Dataset excerpts
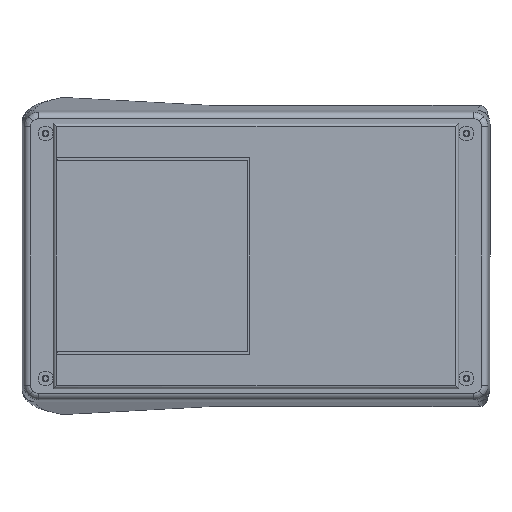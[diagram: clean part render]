
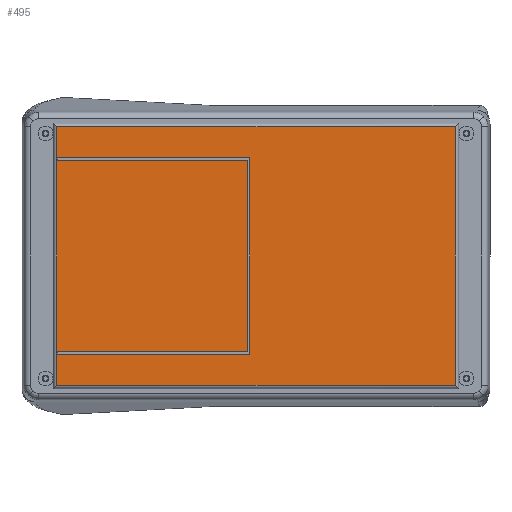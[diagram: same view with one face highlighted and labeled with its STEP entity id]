
A CAD part, front view. The second image highlights one B-rep face of the part: STEP entity #495.
In plain terms, the highlighted planar face has unit normal (0, -1, 0).
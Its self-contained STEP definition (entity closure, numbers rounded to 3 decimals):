
#7 = EDGE_CURVE ( 'NONE', #6975, #2608, #5303, .T. ) ;
#28 = VECTOR ( 'NONE', #3022, 1000. ) ;
#411 = CARTESIAN_POINT ( 'NONE',  ( -62., -16., -40.25 ) ) ;
#479 = AXIS2_PLACEMENT_3D ( 'NONE', #1601, #3018, #7932 ) ;
#495 = ADVANCED_FACE ( 'NONE', ( #6615, #8923 ), #7231, .T. ) ;
#624 = DIRECTION ( 'NONE',  ( -1., 0., 0. ) ) ;
#839 = CARTESIAN_POINT ( 'NONE',  ( -2.7, -16., -29.7 ) ) ;
#863 = CARTESIAN_POINT ( 'NONE',  ( -62., -16., 40.25 ) ) ;
#871 = DIRECTION ( 'NONE',  ( 1., 0., 0. ) ) ;
#876 = LINE ( 'NONE', #4576, #7478 ) ;
#894 = ORIENTED_EDGE ( 'NONE', *, *, #9026, .F. ) ;
#902 = VECTOR ( 'NONE', #3492, 1000. ) ;
#949 = VECTOR ( 'NONE', #2028, 1000. ) ;
#991 = CARTESIAN_POINT ( 'NONE',  ( -61.841, -16., 30.5 ) ) ;
#1044 = VECTOR ( 'NONE', #624, 1000. ) ;
#1059 = DIRECTION ( 'NONE',  ( -1., 0., 0. ) ) ;
#1140 = VECTOR ( 'NONE', #6170, 1000. ) ;
#1536 = CARTESIAN_POINT ( 'NONE',  ( -61.841, -16., -30.5 ) ) ;
#1601 = CARTESIAN_POINT ( 'NONE',  ( -63., -16., 41.25 ) ) ;
#1605 = VERTEX_POINT ( 'NONE', #2627 ) ;
#1609 = VECTOR ( 'NONE', #5394, 1000. ) ;
#1928 = LINE ( 'NONE', #8439, #5459 ) ;
#1933 = CARTESIAN_POINT ( 'NONE',  ( -1.9, -16., 30.5 ) ) ;
#1983 = ORIENTED_EDGE ( 'NONE', *, *, #4176, .F. ) ;
#2028 = DIRECTION ( 'NONE',  ( 0., 0., 1. ) ) ;
#2104 = LINE ( 'NONE', #5104, #28 ) ;
#2416 = VECTOR ( 'NONE', #7319, 1000. ) ;
#2604 = LINE ( 'NONE', #6954, #949 ) ;
#2608 = VERTEX_POINT ( 'NONE', #5166 ) ;
#2627 = CARTESIAN_POINT ( 'NONE',  ( -61.841, -16., -29.7 ) ) ;
#2783 = VECTOR ( 'NONE', #6881, 1000. ) ;
#2798 = CARTESIAN_POINT ( 'NONE',  ( -61.841, -16., 30.5 ) ) ;
#3018 = DIRECTION ( 'NONE',  ( 0., -1., 0. ) ) ;
#3022 = DIRECTION ( 'NONE',  ( 0., 0., -1. ) ) ;
#3128 = ORIENTED_EDGE ( 'NONE', *, *, #5365, .T. ) ;
#3267 = CARTESIAN_POINT ( 'NONE',  ( -62., -16., -41.25 ) ) ;
#3407 = CARTESIAN_POINT ( 'NONE',  ( -63., -16., 40.25 ) ) ;
#3410 = VECTOR ( 'NONE', #1059, 1000. ) ;
#3492 = DIRECTION ( 'NONE',  ( 0., 0., -1. ) ) ;
#3556 = VERTEX_POINT ( 'NONE', #7356 ) ;
#4003 = ORIENTED_EDGE ( 'NONE', *, *, #7597, .T. ) ;
#4176 = EDGE_CURVE ( 'NONE', #2608, #6333, #8348, .T. ) ;
#4262 = LINE ( 'NONE', #5193, #2416 ) ;
#4353 = EDGE_CURVE ( 'NONE', #5787, #8977, #6621, .T. ) ;
#4576 = CARTESIAN_POINT ( 'NONE',  ( -61.841, -16., -29.7 ) ) ;
#4588 = VERTEX_POINT ( 'NONE', #5529 ) ;
#4677 = LINE ( 'NONE', #6186, #2783 ) ;
#4779 = LINE ( 'NONE', #3407, #1044 ) ;
#5104 = CARTESIAN_POINT ( 'NONE',  ( -2.7, -16., 29.7 ) ) ;
#5127 = LINE ( 'NONE', #3267, #1609 ) ;
#5166 = CARTESIAN_POINT ( 'NONE',  ( -61.841, -16., 30.5 ) ) ;
#5193 = CARTESIAN_POINT ( 'NONE',  ( -61.841, -16., -29.7 ) ) ;
#5252 = EDGE_CURVE ( 'NONE', #6135, #1605, #876, .T. ) ;
#5271 = DIRECTION ( 'NONE',  ( -1., 0., 0. ) ) ;
#5303 = LINE ( 'NONE', #991, #3410 ) ;
#5314 = LINE ( 'NONE', #1933, #1140 ) ;
#5365 = EDGE_CURVE ( 'NONE', #6228, #5787, #5127, .T. ) ;
#5394 = DIRECTION ( 'NONE',  ( 0., 0., -1. ) ) ;
#5459 = VECTOR ( 'NONE', #7735, 1000. ) ;
#5529 = CARTESIAN_POINT ( 'NONE',  ( 62., -16., 40.25 ) ) ;
#5565 = EDGE_CURVE ( 'NONE', #6333, #7085, #1928, .T. ) ;
#5589 = ORIENTED_EDGE ( 'NONE', *, *, #8279, .F. ) ;
#5657 = VERTEX_POINT ( 'NONE', #1536 ) ;
#5787 = VERTEX_POINT ( 'NONE', #411 ) ;
#5800 = CARTESIAN_POINT ( 'NONE',  ( 63., -16., -40.25 ) ) ;
#5953 = EDGE_CURVE ( 'NONE', #8977, #4588, #2604, .T. ) ;
#6121 = ORIENTED_EDGE ( 'NONE', *, *, #4353, .T. ) ;
#6135 = VERTEX_POINT ( 'NONE', #839 ) ;
#6170 = DIRECTION ( 'NONE',  ( 0., 0., 1. ) ) ;
#6186 = CARTESIAN_POINT ( 'NONE',  ( -61.841, -16., -30.5 ) ) ;
#6228 = VERTEX_POINT ( 'NONE', #863 ) ;
#6333 = VERTEX_POINT ( 'NONE', #7775 ) ;
#6541 = CARTESIAN_POINT ( 'NONE',  ( 62., -16., -40.25 ) ) ;
#6571 = ORIENTED_EDGE ( 'NONE', *, *, #5565, .F. ) ;
#6615 = FACE_BOUND ( 'NONE', #7776, .T. ) ;
#6621 = LINE ( 'NONE', #5800, #8261 ) ;
#6881 = DIRECTION ( 'NONE',  ( 1., 0., 0. ) ) ;
#6917 = EDGE_CURVE ( 'NONE', #5657, #3556, #4677, .T. ) ;
#6954 = CARTESIAN_POINT ( 'NONE',  ( 62., -16., 41.25 ) ) ;
#6975 = VERTEX_POINT ( 'NONE', #7658 ) ;
#7085 = VERTEX_POINT ( 'NONE', #7844 ) ;
#7231 = PLANE ( 'NONE',  #479 ) ;
#7319 = DIRECTION ( 'NONE',  ( 0., 0., -1. ) ) ;
#7356 = CARTESIAN_POINT ( 'NONE',  ( -1.9, -16., -30.5 ) ) ;
#7478 = VECTOR ( 'NONE', #5271, 1000. ) ;
#7571 = EDGE_LOOP ( 'NONE', ( #8863, #4003, #3128, #6121 ) ) ;
#7597 = EDGE_CURVE ( 'NONE', #4588, #6228, #4779, .T. ) ;
#7658 = CARTESIAN_POINT ( 'NONE',  ( -1.9, -16., 30.5 ) ) ;
#7735 = DIRECTION ( 'NONE',  ( 1., 0., 0. ) ) ;
#7775 = CARTESIAN_POINT ( 'NONE',  ( -61.841, -16., 29.7 ) ) ;
#7776 = EDGE_LOOP ( 'NONE', ( #1983, #8745, #5589, #8605, #894, #8109, #8191, #6571 ) ) ;
#7844 = CARTESIAN_POINT ( 'NONE',  ( -2.7, -16., 29.7 ) ) ;
#7932 = DIRECTION ( 'NONE',  ( 0., 0., -1. ) ) ;
#7956 = EDGE_CURVE ( 'NONE', #7085, #6135, #2104, .T. ) ;
#8109 = ORIENTED_EDGE ( 'NONE', *, *, #5252, .F. ) ;
#8191 = ORIENTED_EDGE ( 'NONE', *, *, #7956, .F. ) ;
#8261 = VECTOR ( 'NONE', #871, 1000. ) ;
#8279 = EDGE_CURVE ( 'NONE', #3556, #6975, #5314, .T. ) ;
#8348 = LINE ( 'NONE', #2798, #902 ) ;
#8439 = CARTESIAN_POINT ( 'NONE',  ( -61.841, -16., 29.7 ) ) ;
#8605 = ORIENTED_EDGE ( 'NONE', *, *, #6917, .F. ) ;
#8745 = ORIENTED_EDGE ( 'NONE', *, *, #7, .F. ) ;
#8863 = ORIENTED_EDGE ( 'NONE', *, *, #5953, .T. ) ;
#8923 = FACE_OUTER_BOUND ( 'NONE', #7571, .T. ) ;
#8977 = VERTEX_POINT ( 'NONE', #6541 ) ;
#9026 = EDGE_CURVE ( 'NONE', #1605, #5657, #4262, .T. ) ;

Task details: Lines from the one containing "#7571 = EDGE_LOOP" through the end of the data above must be written out exactly, and no other lines are needed.

Response below:
#7571 = EDGE_LOOP ( 'NONE', ( #8863, #4003, #3128, #6121 ) ) ;
#7597 = EDGE_CURVE ( 'NONE', #4588, #6228, #4779, .T. ) ;
#7658 = CARTESIAN_POINT ( 'NONE',  ( -1.9, -16., 30.5 ) ) ;
#7735 = DIRECTION ( 'NONE',  ( 1., 0., 0. ) ) ;
#7775 = CARTESIAN_POINT ( 'NONE',  ( -61.841, -16., 29.7 ) ) ;
#7776 = EDGE_LOOP ( 'NONE', ( #1983, #8745, #5589, #8605, #894, #8109, #8191, #6571 ) ) ;
#7844 = CARTESIAN_POINT ( 'NONE',  ( -2.7, -16., 29.7 ) ) ;
#7932 = DIRECTION ( 'NONE',  ( 0., 0., -1. ) ) ;
#7956 = EDGE_CURVE ( 'NONE', #7085, #6135, #2104, .T. ) ;
#8109 = ORIENTED_EDGE ( 'NONE', *, *, #5252, .F. ) ;
#8191 = ORIENTED_EDGE ( 'NONE', *, *, #7956, .F. ) ;
#8261 = VECTOR ( 'NONE', #871, 1000. ) ;
#8279 = EDGE_CURVE ( 'NONE', #3556, #6975, #5314, .T. ) ;
#8348 = LINE ( 'NONE', #2798, #902 ) ;
#8439 = CARTESIAN_POINT ( 'NONE',  ( -61.841, -16., 29.7 ) ) ;
#8605 = ORIENTED_EDGE ( 'NONE', *, *, #6917, .F. ) ;
#8745 = ORIENTED_EDGE ( 'NONE', *, *, #7, .F. ) ;
#8863 = ORIENTED_EDGE ( 'NONE', *, *, #5953, .T. ) ;
#8923 = FACE_OUTER_BOUND ( 'NONE', #7571, .T. ) ;
#8977 = VERTEX_POINT ( 'NONE', #6541 ) ;
#9026 = EDGE_CURVE ( 'NONE', #1605, #5657, #4262, .T. ) ;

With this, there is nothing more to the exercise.